Dès qu'Élisa vit son propre visage, elle fut terrifiée de le trouver si brun et si laid ; mais quand elle mouilla sa petite main et se frotta les yeux et le front, la peau blanche réapparut. Et, après s'être déshabillée et plongée dans l'eau fraîche, on n'aurait pu trouver de plus belle fille de roi dans le vaste monde.
Aussitôt qu'elle se fut rhabillée et eut tressé ses longs cheveux, elle alla à la source bouillonnante et but de l'eau dans le creux de sa main. Puis elle s'enfonça loin dans la forêt, ne sachant où elle allait. Elle pensait à ses frères et sentait que Dieu ne l'abandonnerait pas. C'est Dieu qui fait pousser les pommes sauvages dans le bois, pour satisfaire les affamés, et Il la conduisit alors vers un de ces arbres, qui était si chargé de fruits que les branches ployaient sous le poids. Là, elle prit son repas de midi, plaça des étais sous les branches, puis s'enfonça dans les profondeurs les plus sombres de la forêt.

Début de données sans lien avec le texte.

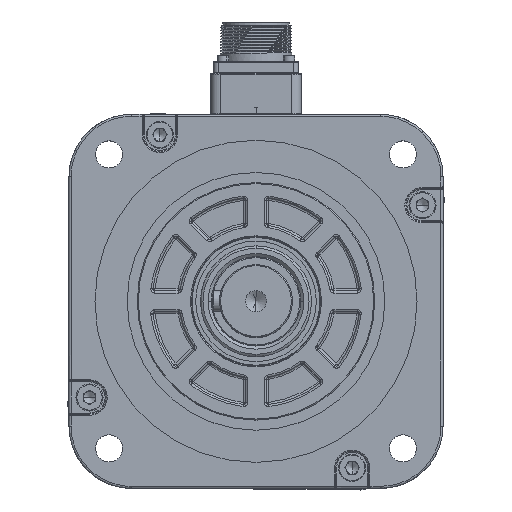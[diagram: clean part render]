
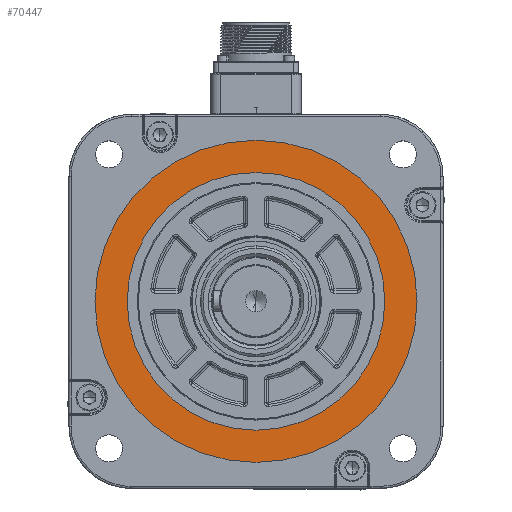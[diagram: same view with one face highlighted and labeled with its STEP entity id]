
A CAD part, top view. The second image highlights one B-rep face of the part: STEP entity #70447.
In plain terms, the highlighted planar face has unit normal (0, 0, 1) as drawn and (0, 0, -1) by its records, which use the part's own axes.
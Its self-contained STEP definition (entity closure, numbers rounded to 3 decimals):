
#2205 = EDGE_CURVE ( 'NONE', #91747, #92883, #133206, .T. ) ;
#12123 = AXIS2_PLACEMENT_3D ( 'NONE', #90935, #22994, #103531 ) ;
#15219 = VERTEX_POINT ( 'NONE', #129367 ) ;
#21522 = DIRECTION ( 'NONE',  ( 0., 0., -1. ) ) ;
#22994 = DIRECTION ( 'NONE',  ( 0., 0., -1. ) ) ;
#24578 = EDGE_LOOP ( 'NONE', ( #78151, #76892 ) ) ;
#26402 = ORIENTED_EDGE ( 'NONE', *, *, #145618, .T. ) ;
#31322 = DIRECTION ( 'NONE',  ( 0., 0., 1. ) ) ;
#32701 = CARTESIAN_POINT ( 'NONE',  ( 0., 0., 1.5 ) ) ;
#41618 = EDGE_CURVE ( 'NONE', #92883, #91747, #135496, .T. ) ;
#42532 = DIRECTION ( 'NONE',  ( -1., 0., 0. ) ) ;
#45432 = AXIS2_PLACEMENT_3D ( 'NONE', #66617, #21522, #67611 ) ;
#60597 = DIRECTION ( 'NONE',  ( 0., 0., 1. ) ) ;
#66617 = CARTESIAN_POINT ( 'NONE',  ( 0., 0., 1.5 ) ) ;
#66643 = DIRECTION ( 'NONE',  ( 0., 0., -1. ) ) ;
#67611 = DIRECTION ( 'NONE',  ( -1., 0., 0. ) ) ;
#70447 = ADVANCED_FACE ( 'NONE', ( #86280, #75319 ), #136572, .T. ) ;
#71715 = DIRECTION ( 'NONE',  ( -1., 0., 0. ) ) ;
#71766 = AXIS2_PLACEMENT_3D ( 'NONE', #32701, #66643, #124424 ) ;
#72312 = AXIS2_PLACEMENT_3D ( 'NONE', #76430, #31322, #42532 ) ;
#75319 = FACE_BOUND ( 'NONE', #24578, .T. ) ;
#76430 = CARTESIAN_POINT ( 'NONE',  ( 0., 0., 1.5 ) ) ;
#76892 = ORIENTED_EDGE ( 'NONE', *, *, #41618, .T. ) ;
#78151 = ORIENTED_EDGE ( 'NONE', *, *, #2205, .T. ) ;
#78773 = CARTESIAN_POINT ( 'NONE',  ( -62., 0., 1.5 ) ) ;
#78892 = VERTEX_POINT ( 'NONE', #91945 ) ;
#80378 = EDGE_CURVE ( 'NONE', #78892, #15219, #114824, .T. ) ;
#86280 = FACE_OUTER_BOUND ( 'NONE', #124099, .T. ) ;
#90935 = CARTESIAN_POINT ( 'NONE',  ( 0., 0., 1.5 ) ) ;
#91747 = VERTEX_POINT ( 'NONE', #78773 ) ;
#91945 = CARTESIAN_POINT ( 'NONE',  ( -77.5, 0., 1.5 ) ) ;
#92883 = VERTEX_POINT ( 'NONE', #99196 ) ;
#99196 = CARTESIAN_POINT ( 'NONE',  ( 62., 0., 1.5 ) ) ;
#103531 = DIRECTION ( 'NONE',  ( -1., 0., 0. ) ) ;
#103593 = CIRCLE ( 'NONE', #12123, 77.5 ) ;
#104379 = AXIS2_PLACEMENT_3D ( 'NONE', #142707, #60597, #71715 ) ;
#114824 = CIRCLE ( 'NONE', #45432, 77.5 ) ;
#124099 = EDGE_LOOP ( 'NONE', ( #134728, #26402 ) ) ;
#124424 = DIRECTION ( 'NONE',  ( -1., 0., 0. ) ) ;
#129367 = CARTESIAN_POINT ( 'NONE',  ( 77.5, 0., 1.5 ) ) ;
#133206 = CIRCLE ( 'NONE', #104379, 62. ) ;
#134728 = ORIENTED_EDGE ( 'NONE', *, *, #80378, .T. ) ;
#135496 = CIRCLE ( 'NONE', #72312, 62. ) ;
#136572 = PLANE ( 'NONE',  #71766 ) ;
#142707 = CARTESIAN_POINT ( 'NONE',  ( 0., 0., 1.5 ) ) ;
#145618 = EDGE_CURVE ( 'NONE', #15219, #78892, #103593, .T. ) ;

Il y régnait un tel silence qu'elle pouvait entendre le bruit de ses propres pas, ainsi que le froissement de chaque feuille desséchée qu'elle écrasait sous ses pieds. Pas un oiseau n'était visible, pas un rayon de soleil ne pouvait pénétrer à travers les grandes branches sombres des arbres. Leurs troncs élevés se dressaient si près les uns des autres que, lorsqu'elle regardait devant elle, il lui semblait être enfermée dans un treillis. Jamais auparavant elle n'avait connu une telle solitude. La nuit était très sombre. Pas un seul ver luisant ne brillait dans la mousse.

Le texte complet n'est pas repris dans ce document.